--- Extracted material ---
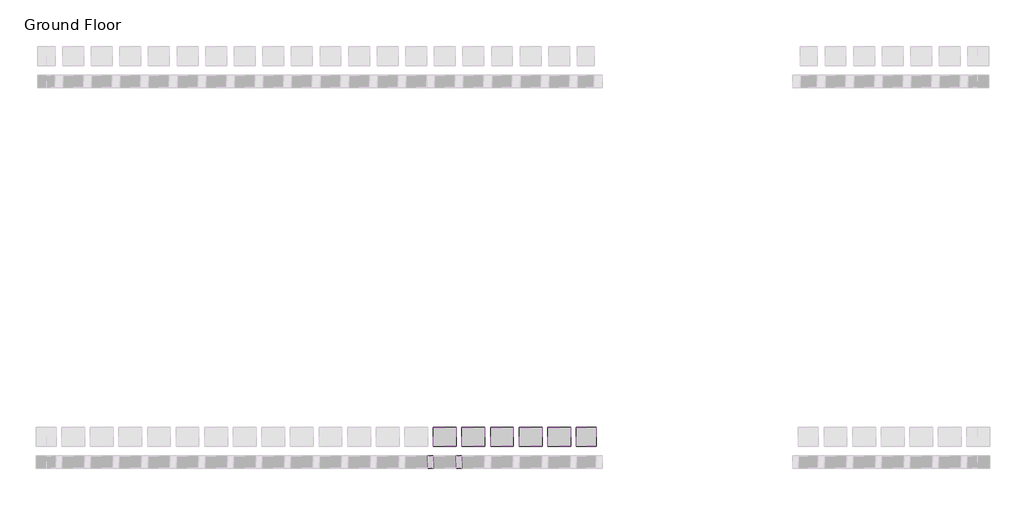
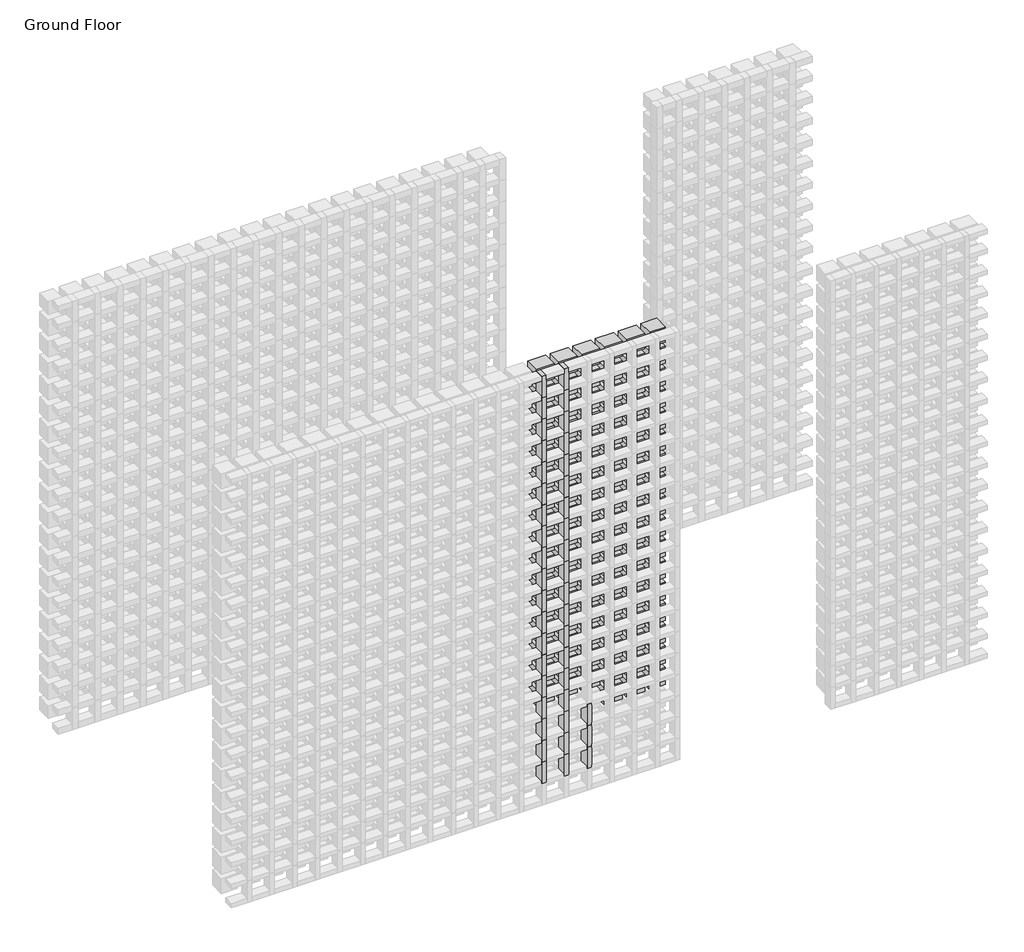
# One storey, part 71 of 350: 99 plates, 41 members.
"""IFC4 building model written with IfcOpenShell, lengths in millimetres."""

from ifc_helpers import new_model, si_unit, origin, place, context, project, spatial, transform, mapped, element, save
from components import rectangular_mullion_5b501421, empty_system_panel_empty_a57e421f, empty_system_panel_empty_fe50b430, empty_system_panel_empty_3353a095, empty_system_panel_empty_0cf761f0

model = new_model("IFC4")

# Units and contexts
model_context = context("Model", 3, world=origin())
ifc_project = project(units=[si_unit("LENGTHUNIT", "METRE", prefix="MILLI")], contexts=[model_context])

# Site, building, storey
site = spatial("IfcSite", under=ifc_project)
building = spatial("IfcBuilding", under=site)
storey = spatial("IfcBuildingStorey", under=building, Name="Ground Floor", Elevation=0.0)

# Members
placement = place(None, origin())
rectangular_mullion_shape = rectangular_mullion_5b501421(model_context)
element("IfcMember", 1, ObjectType="Rectangular Mullion : Batten_Timber_Modinex_Austratus_Grid_Fascia_30x65_Hemlock", at=placement, inside=storey, context=model_context, shape_type="MappedRepresentation", body=[
    mapped(rectangular_mullion_shape, transform((12016.4361642, 38968.2978302, 150.0), x_axis=(1.0, 0.0, 0.0), y_axis=(0.0, -1.0, 0.0), z_axis=(0.0, 0.0, -1.0))),
])
element("IfcMember", 2, ObjectType="Rectangular Mullion : Batten_Timber_Modinex_Austratus_Grid_Fascia_30x65_Hemlock", at=placement, inside=storey, context=model_context, shape_type="MappedRepresentation", body=[
    mapped(rectangular_mullion_shape, transform((12016.4361642, 38968.2978302, 300.0), x_axis=(1.0, 0.0, 0.0), y_axis=(0.0, -1.0, 0.0), z_axis=(0.0, 0.0, -1.0))),
])
element("IfcMember", 3, ObjectType="Rectangular Mullion : Batten_Timber_Modinex_Austratus_Grid_Fascia_30x65_Hemlock", at=placement, inside=storey, context=model_context, shape_type="MappedRepresentation", body=[
    mapped(rectangular_mullion_shape, transform((12016.4361642, 38968.2978302, 450.0), x_axis=(1.0, 0.0, 0.0), y_axis=(0.0, -1.0, 0.0), z_axis=(0.0, 0.0, -1.0))),
])
element("IfcMember", 4, ObjectType="Rectangular Mullion : Batten_Timber_Modinex_Austratus_Grid_Fascia_30x65_Hemlock", at=placement, inside=storey, context=model_context, shape_type="MappedRepresentation", body=[
    mapped(rectangular_mullion_shape, transform((12016.4361642, 38968.2978302, 600.0), x_axis=(1.0, 0.0, 0.0), y_axis=(0.0, -1.0, 0.0), z_axis=(0.0, 0.0, -1.0))),
])
element("IfcMember", 5, ObjectType="Rectangular Mullion : Batten_Timber_Modinex_Austratus_Grid_Fascia_30x65_Hemlock", at=placement, inside=storey, context=model_context, shape_type="MappedRepresentation", body=[
    mapped(rectangular_mullion_shape, transform((12016.4361642, 38968.2978302, 750.0), x_axis=(1.0, 0.0, 0.0), y_axis=(0.0, -1.0, 0.0), z_axis=(0.0, 0.0, -1.0))),
])
element("IfcMember", 6, ObjectType="Rectangular Mullion : Batten_Timber_Modinex_Austratus_Grid_Fascia_30x65_Hemlock", at=placement, inside=storey, context=model_context, shape_type="MappedRepresentation", body=[
    mapped(rectangular_mullion_shape, transform((12016.4361642, 38968.2978302, 900.0), x_axis=(1.0, 0.0, 0.0), y_axis=(0.0, -1.0, 0.0), z_axis=(0.0, 0.0, -1.0))),
])
element("IfcMember", 7, ObjectType="Rectangular Mullion : Batten_Timber_Modinex_Austratus_Grid_Fascia_30x65_Hemlock", at=placement, inside=storey, context=model_context, shape_type="MappedRepresentation", body=[
    mapped(rectangular_mullion_shape, transform((12016.4361642, 38968.2978302, 1050.0), x_axis=(1.0, 0.0, 0.0), y_axis=(0.0, -1.0, 0.0), z_axis=(0.0, 0.0, -1.0))),
])
element("IfcMember", 8, ObjectType="Rectangular Mullion : Batten_Timber_Modinex_Austratus_Grid_Fascia_30x65_Hemlock", at=placement, inside=storey, context=model_context, shape_type="MappedRepresentation", body=[
    mapped(rectangular_mullion_shape, transform((12016.4361642, 38968.2978302, 1200.0), x_axis=(1.0, 0.0, 0.0), y_axis=(0.0, -1.0, 0.0), z_axis=(0.0, 0.0, -1.0))),
])
element("IfcMember", 9, ObjectType="Rectangular Mullion : Batten_Timber_Modinex_Austratus_Grid_Fascia_30x65_Hemlock", at=placement, inside=storey, context=model_context, shape_type="MappedRepresentation", body=[
    mapped(rectangular_mullion_shape, transform((12016.4361642, 38968.2978302, 1350.0), x_axis=(1.0, 0.0, 0.0), y_axis=(0.0, -1.0, 0.0), z_axis=(0.0, 0.0, -1.0))),
])
element("IfcMember", 10, ObjectType="Rectangular Mullion : Batten_Timber_Modinex_Austratus_Grid_Fascia_30x65_Hemlock", at=placement, inside=storey, context=model_context, shape_type="MappedRepresentation", body=[
    mapped(rectangular_mullion_shape, transform((12016.4361642, 38968.2978302, 1500.0), x_axis=(1.0, 0.0, 0.0), y_axis=(0.0, -1.0, 0.0), z_axis=(0.0, 0.0, -1.0))),
])
element("IfcMember", 11, ObjectType="Rectangular Mullion : Batten_Timber_Modinex_Austratus_Grid_Fascia_30x65_Hemlock", at=placement, inside=storey, context=model_context, shape_type="MappedRepresentation", body=[
    mapped(rectangular_mullion_shape, transform((12016.4361642, 38968.2978302, 1650.0), x_axis=(1.0, 0.0, 0.0), y_axis=(0.0, -1.0, 0.0), z_axis=(0.0, 0.0, -1.0))),
])
element("IfcMember", 12, ObjectType="Rectangular Mullion : Batten_Timber_Modinex_Austratus_Grid_Fascia_30x65_Hemlock", at=placement, inside=storey, context=model_context, shape_type="MappedRepresentation", body=[
    mapped(rectangular_mullion_shape, transform((12016.4361642, 38968.2978302, 1800.0), x_axis=(1.0, 0.0, 0.0), y_axis=(0.0, -1.0, 0.0), z_axis=(0.0, 0.0, -1.0))),
])
element("IfcMember", 13, ObjectType="Rectangular Mullion : Batten_Timber_Modinex_Austratus_Grid_Fascia_30x65_Hemlock", at=placement, inside=storey, context=model_context, shape_type="MappedRepresentation", body=[
    mapped(rectangular_mullion_shape, transform((12016.4361642, 38968.2978302, 1950.0), x_axis=(1.0, 0.0, 0.0), y_axis=(0.0, -1.0, 0.0), z_axis=(0.0, 0.0, -1.0))),
])
element("IfcMember", 14, ObjectType="Rectangular Mullion : Batten_Timber_Modinex_Austratus_Grid_Fascia_30x65_Hemlock", at=placement, inside=storey, context=model_context, shape_type="MappedRepresentation", body=[
    mapped(rectangular_mullion_shape, transform((12016.4361642, 38968.2978302, 2100.0), x_axis=(1.0, 0.0, 0.0), y_axis=(0.0, -1.0, 0.0), z_axis=(0.0, 0.0, -1.0))),
])
element("IfcMember", 15, ObjectType="Rectangular Mullion : Batten_Timber_Modinex_Austratus_Grid_Fascia_30x65_Hemlock", at=placement, inside=storey, context=model_context, shape_type="MappedRepresentation", body=[
    mapped(rectangular_mullion_shape, transform((12016.4361642, 38968.2978302, 2250.0), x_axis=(1.0, 0.0, 0.0), y_axis=(0.0, -1.0, 0.0), z_axis=(0.0, 0.0, -1.0))),
])
element("IfcMember", 16, ObjectType="Rectangular Mullion : Batten_Timber_Modinex_Austratus_Grid_Fascia_30x65_Hemlock", at=placement, inside=storey, context=model_context, shape_type="MappedRepresentation", body=[
    mapped(rectangular_mullion_shape, transform((12016.4361642, 38968.2978302, 2400.0), x_axis=(1.0, 0.0, 0.0), y_axis=(0.0, -1.0, 0.0), z_axis=(0.0, 0.0, -1.0))),
])
element("IfcMember", 17, ObjectType="Rectangular Mullion : Batten_Timber_Modinex_Austratus_Grid_Fascia_30x65_Hemlock", at=placement, inside=storey, context=model_context, shape_type="MappedRepresentation", body=[
    mapped(rectangular_mullion_shape, transform((12016.4361642, 38968.2978302, 2550.0), x_axis=(1.0, 0.0, 0.0), y_axis=(0.0, -1.0, 0.0), z_axis=(0.0, 0.0, -1.0))),
])
element("IfcMember", 18, ObjectType="Rectangular Mullion : Batten_Timber_Modinex_Austratus_Grid_Fascia_30x65_Hemlock", at=placement, inside=storey, context=model_context, shape_type="MappedRepresentation", body=[
    mapped(rectangular_mullion_shape, transform((12016.4361642, 38968.2978302, 2700.0), x_axis=(1.0, 0.0, 0.0), y_axis=(0.0, -1.0, 0.0), z_axis=(0.0, 0.0, -1.0))),
])
element("IfcMember", 19, ObjectType="Rectangular Mullion : Batten_Timber_Modinex_Austratus_Grid_Fascia_30x65_Hemlock", at=placement, inside=storey, context=model_context, shape_type="MappedRepresentation", body=[
    mapped(rectangular_mullion_shape, transform((12166.4361642, 38968.2978302, 150.0), x_axis=(1.0, 0.0, 0.0), y_axis=(0.0, -1.0, 0.0), z_axis=(0.0, 0.0, -1.0))),
])
element("IfcMember", 20, ObjectType="Rectangular Mullion : Batten_Timber_Modinex_Austratus_Grid_Fascia_30x65_Hemlock", at=placement, inside=storey, context=model_context, shape_type="MappedRepresentation", body=[
    mapped(rectangular_mullion_shape, transform((12166.4361642, 38968.2978302, 300.0), x_axis=(1.0, 0.0, 0.0), y_axis=(0.0, -1.0, 0.0), z_axis=(0.0, 0.0, -1.0))),
])
element("IfcMember", 21, ObjectType="Rectangular Mullion : Batten_Timber_Modinex_Austratus_Grid_Fascia_30x65_Hemlock", at=placement, inside=storey, context=model_context, shape_type="MappedRepresentation", body=[
    mapped(rectangular_mullion_shape, transform((12166.4361642, 38968.2978302, 450.0), x_axis=(1.0, 0.0, 0.0), y_axis=(0.0, -1.0, 0.0), z_axis=(0.0, 0.0, -1.0))),
])
element("IfcMember", 22, ObjectType="Rectangular Mullion : Batten_Timber_Modinex_Austratus_Grid_Fascia_30x65_Hemlock", at=placement, inside=storey, context=model_context, shape_type="MappedRepresentation", body=[
    mapped(rectangular_mullion_shape, transform((12166.4361642, 38968.2978302, 600.0), x_axis=(1.0, 0.0, 0.0), y_axis=(0.0, -1.0, 0.0), z_axis=(0.0, 0.0, -1.0))),
])
element("IfcMember", 23, ObjectType="Rectangular Mullion : Batten_Timber_Modinex_Austratus_Grid_Fascia_30x65_Hemlock", at=placement, inside=storey, context=model_context, shape_type="MappedRepresentation", body=[
    mapped(rectangular_mullion_shape, transform((12166.4361642, 38968.2978302, 750.0), x_axis=(1.0, 0.0, 0.0), y_axis=(0.0, -1.0, 0.0), z_axis=(0.0, 0.0, -1.0))),
])
element("IfcMember", 24, ObjectType="Rectangular Mullion : Batten_Timber_Modinex_Austratus_Grid_Fascia_30x65_Hemlock", at=placement, inside=storey, context=model_context, shape_type="MappedRepresentation", body=[
    mapped(rectangular_mullion_shape, transform((12166.4361642, 38968.2978302, 900.0), x_axis=(1.0, 0.0, 0.0), y_axis=(0.0, -1.0, 0.0), z_axis=(0.0, 0.0, -1.0))),
])
element("IfcMember", 25, ObjectType="Rectangular Mullion : Batten_Timber_Modinex_Austratus_Grid_Fascia_30x65_Hemlock", at=placement, inside=storey, context=model_context, shape_type="MappedRepresentation", body=[
    mapped(rectangular_mullion_shape, transform((12166.4361642, 38968.2978302, 1050.0), x_axis=(1.0, 0.0, 0.0), y_axis=(0.0, -1.0, 0.0), z_axis=(0.0, 0.0, -1.0))),
])
element("IfcMember", 26, ObjectType="Rectangular Mullion : Batten_Timber_Modinex_Austratus_Grid_Fascia_30x65_Hemlock", at=placement, inside=storey, context=model_context, shape_type="MappedRepresentation", body=[
    mapped(rectangular_mullion_shape, transform((12166.4361642, 38968.2978302, 1200.0), x_axis=(1.0, 0.0, 0.0), y_axis=(0.0, -1.0, 0.0), z_axis=(0.0, 0.0, -1.0))),
])
element("IfcMember", 27, ObjectType="Rectangular Mullion : Batten_Timber_Modinex_Austratus_Grid_Fascia_30x65_Hemlock", at=placement, inside=storey, context=model_context, shape_type="MappedRepresentation", body=[
    mapped(rectangular_mullion_shape, transform((12166.4361642, 38968.2978302, 1350.0), x_axis=(1.0, 0.0, 0.0), y_axis=(0.0, -1.0, 0.0), z_axis=(0.0, 0.0, -1.0))),
])
element("IfcMember", 28, ObjectType="Rectangular Mullion : Batten_Timber_Modinex_Austratus_Grid_Fascia_30x65_Hemlock", at=placement, inside=storey, context=model_context, shape_type="MappedRepresentation", body=[
    mapped(rectangular_mullion_shape, transform((12166.4361642, 38968.2978302, 1500.0), x_axis=(1.0, 0.0, 0.0), y_axis=(0.0, -1.0, 0.0), z_axis=(0.0, 0.0, -1.0))),
])
element("IfcMember", 29, ObjectType="Rectangular Mullion : Batten_Timber_Modinex_Austratus_Grid_Fascia_30x65_Hemlock", at=placement, inside=storey, context=model_context, shape_type="MappedRepresentation", body=[
    mapped(rectangular_mullion_shape, transform((12166.4361642, 38968.2978302, 1650.0), x_axis=(1.0, 0.0, 0.0), y_axis=(0.0, -1.0, 0.0), z_axis=(0.0, 0.0, -1.0))),
])
element("IfcMember", 30, ObjectType="Rectangular Mullion : Batten_Timber_Modinex_Austratus_Grid_Fascia_30x65_Hemlock", at=placement, inside=storey, context=model_context, shape_type="MappedRepresentation", body=[
    mapped(rectangular_mullion_shape, transform((12166.4361642, 38968.2978302, 1800.0), x_axis=(1.0, 0.0, 0.0), y_axis=(0.0, -1.0, 0.0), z_axis=(0.0, 0.0, -1.0))),
])
element("IfcMember", 31, ObjectType="Rectangular Mullion : Batten_Timber_Modinex_Austratus_Grid_Fascia_30x65_Hemlock", at=placement, inside=storey, context=model_context, shape_type="MappedRepresentation", body=[
    mapped(rectangular_mullion_shape, transform((12166.4361642, 38968.2978302, 1950.0), x_axis=(1.0, 0.0, 0.0), y_axis=(0.0, -1.0, 0.0), z_axis=(0.0, 0.0, -1.0))),
])
element("IfcMember", 32, ObjectType="Rectangular Mullion : Batten_Timber_Modinex_Austratus_Grid_Fascia_30x65_Hemlock", at=placement, inside=storey, context=model_context, shape_type="MappedRepresentation", body=[
    mapped(rectangular_mullion_shape, transform((12166.4361642, 38968.2978302, 2100.0), x_axis=(1.0, 0.0, 0.0), y_axis=(0.0, -1.0, 0.0), z_axis=(0.0, 0.0, -1.0))),
])
element("IfcMember", 33, ObjectType="Rectangular Mullion : Batten_Timber_Modinex_Austratus_Grid_Fascia_30x65_Hemlock", at=placement, inside=storey, context=model_context, shape_type="MappedRepresentation", body=[
    mapped(rectangular_mullion_shape, transform((12166.4361642, 38968.2978302, 2250.0), x_axis=(1.0, 0.0, 0.0), y_axis=(0.0, -1.0, 0.0), z_axis=(0.0, 0.0, -1.0))),
])
element("IfcMember", 34, ObjectType="Rectangular Mullion : Batten_Timber_Modinex_Austratus_Grid_Fascia_30x65_Hemlock", at=placement, inside=storey, context=model_context, shape_type="MappedRepresentation", body=[
    mapped(rectangular_mullion_shape, transform((12166.4361642, 38968.2978302, 2400.0), x_axis=(1.0, 0.0, 0.0), y_axis=(0.0, -1.0, 0.0), z_axis=(0.0, 0.0, -1.0))),
])
element("IfcMember", 35, ObjectType="Rectangular Mullion : Batten_Timber_Modinex_Austratus_Grid_Fascia_30x65_Hemlock", at=placement, inside=storey, context=model_context, shape_type="MappedRepresentation", body=[
    mapped(rectangular_mullion_shape, transform((12166.4361642, 38968.2978302, 2550.0), x_axis=(1.0, 0.0, 0.0), y_axis=(0.0, -1.0, 0.0), z_axis=(0.0, 0.0, -1.0))),
])
element("IfcMember", 36, ObjectType="Rectangular Mullion : Batten_Timber_Modinex_Austratus_Grid_Fascia_30x65_Hemlock", at=placement, inside=storey, context=model_context, shape_type="MappedRepresentation", body=[
    mapped(rectangular_mullion_shape, transform((12166.4361642, 38968.2978302, 2700.0), x_axis=(1.0, 0.0, 0.0), y_axis=(0.0, -1.0, 0.0), z_axis=(0.0, 0.0, -1.0))),
])
element("IfcMember", 37, ObjectType="Rectangular Mullion : Batten_Timber_Modinex_Austratus_Grid_Fascia_30x65_Hemlock", at=placement, inside=storey, context=model_context, shape_type="MappedRepresentation", body=[
    mapped(rectangular_mullion_shape, transform((12316.4361642, 38968.2978302, 150.0), x_axis=(1.0, 0.0, 0.0), y_axis=(0.0, -1.0, 0.0), z_axis=(0.0, 0.0, -1.0))),
])
element("IfcMember", 38, ObjectType="Rectangular Mullion : Batten_Timber_Modinex_Austratus_Grid_Fascia_30x65_Hemlock", at=placement, inside=storey, context=model_context, shape_type="MappedRepresentation", body=[
    mapped(rectangular_mullion_shape, transform((12316.4361642, 38968.2978302, 300.0), x_axis=(1.0, 0.0, 0.0), y_axis=(0.0, -1.0, 0.0), z_axis=(0.0, 0.0, -1.0))),
])
element("IfcMember", 39, ObjectType="Rectangular Mullion : Batten_Timber_Modinex_Austratus_Grid_Fascia_30x65_Hemlock", at=placement, inside=storey, context=model_context, shape_type="MappedRepresentation", body=[
    mapped(rectangular_mullion_shape, transform((12316.4361642, 38968.2978302, 450.0), x_axis=(1.0, 0.0, 0.0), y_axis=(0.0, -1.0, 0.0), z_axis=(0.0, 0.0, -1.0))),
])
element("IfcMember", 40, ObjectType="Rectangular Mullion : Batten_Timber_Modinex_Austratus_Grid_Fascia_30x65_Hemlock", at=placement, inside=storey, context=model_context, shape_type="MappedRepresentation", body=[
    mapped(rectangular_mullion_shape, transform((12016.4361642, 38968.2978302, 2850.0), x_axis=(1.0, 0.0, 0.0), y_axis=(0.0, -1.0, 0.0), z_axis=(0.0, 0.0, -1.0))),
])
element("IfcMember", 41, ObjectType="Rectangular Mullion : Batten_Timber_Modinex_Austratus_Grid_Fascia_30x65_Hemlock", at=placement, inside=storey, context=model_context, shape_type="MappedRepresentation", body=[
    mapped(rectangular_mullion_shape, transform((12166.4361642, 38968.2978302, 2850.0), x_axis=(1.0, 0.0, 0.0), y_axis=(0.0, -1.0, 0.0), z_axis=(0.0, 0.0, -1.0))),
])

# Plates
empty_system_panel_empty_shape = empty_system_panel_empty_a57e421f(model_context)
element("IfcPlate", 42, ObjectType="Empty System Panel : Empty", at=placement, inside=storey, context=model_context, shape_type="MappedRepresentation", body=[
    mapped(empty_system_panel_empty_shape, transform((12541.4361642, 38968.2978302, 465.0), x_axis=(1.0, 0.0, 0.0), y_axis=(0.0, 1.0, 0.0), z_axis=(0.0, 0.0, 1.0))),
])
element("IfcPlate", 43, ObjectType="Empty System Panel : Empty", at=placement, inside=storey, context=model_context, shape_type="MappedRepresentation", body=[
    mapped(empty_system_panel_empty_shape, transform((12691.4361642, 38968.2978302, 465.0), x_axis=(1.0, 0.0, 0.0), y_axis=(0.0, 1.0, 0.0), z_axis=(0.0, 0.0, 1.0))),
])
element("IfcPlate", 44, ObjectType="Empty System Panel : Empty", at=placement, inside=storey, context=model_context, shape_type="MappedRepresentation", body=[
    mapped(empty_system_panel_empty_shape, transform((12091.4361642, 38968.2978302, 615.0), x_axis=(1.0, 0.0, 0.0), y_axis=(0.0, 1.0, 0.0), z_axis=(0.0, 0.0, 1.0))),
])
element("IfcPlate", 45, ObjectType="Empty System Panel : Empty", at=placement, inside=storey, context=model_context, shape_type="MappedRepresentation", body=[
    mapped(empty_system_panel_empty_shape, transform((12241.4361642, 38968.2978302, 615.0), x_axis=(1.0, 0.0, 0.0), y_axis=(0.0, 1.0, 0.0), z_axis=(0.0, 0.0, 1.0))),
])
element("IfcPlate", 46, ObjectType="Empty System Panel : Empty", at=placement, inside=storey, context=model_context, shape_type="MappedRepresentation", body=[
    mapped(empty_system_panel_empty_shape, transform((12391.4361642, 38968.2978302, 615.0), x_axis=(1.0, 0.0, 0.0), y_axis=(0.0, 1.0, 0.0), z_axis=(0.0, 0.0, 1.0))),
])
element("IfcPlate", 47, ObjectType="Empty System Panel : Empty", at=placement, inside=storey, context=model_context, shape_type="MappedRepresentation", body=[
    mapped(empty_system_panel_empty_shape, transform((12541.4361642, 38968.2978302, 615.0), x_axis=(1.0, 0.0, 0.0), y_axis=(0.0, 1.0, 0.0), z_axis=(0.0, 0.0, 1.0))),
---
- **Your objective**: Write out the records above exactly. Begin with the first line, end with the line holding "placement = place(None, origin())", and drop the pictures.

- **Task solution**:
# One storey, part 71 of 350: 99 plates, 41 members.
"""IFC4 building model written with IfcOpenShell, lengths in millimetres."""

from ifc_helpers import new_model, si_unit, origin, place, context, project, spatial, transform, mapped, element, save
from components import rectangular_mullion_5b501421, empty_system_panel_empty_a57e421f, empty_system_panel_empty_fe50b430, empty_system_panel_empty_3353a095, empty_system_panel_empty_0cf761f0

model = new_model("IFC4")

# Units and contexts
model_context = context("Model", 3, world=origin())
ifc_project = project(units=[si_unit("LENGTHUNIT", "METRE", prefix="MILLI")], contexts=[model_context])

# Site, building, storey
site = spatial("IfcSite", under=ifc_project)
building = spatial("IfcBuilding", under=site)
storey = spatial("IfcBuildingStorey", under=building, Name="Ground Floor", Elevation=0.0)

# Members
placement = place(None, origin())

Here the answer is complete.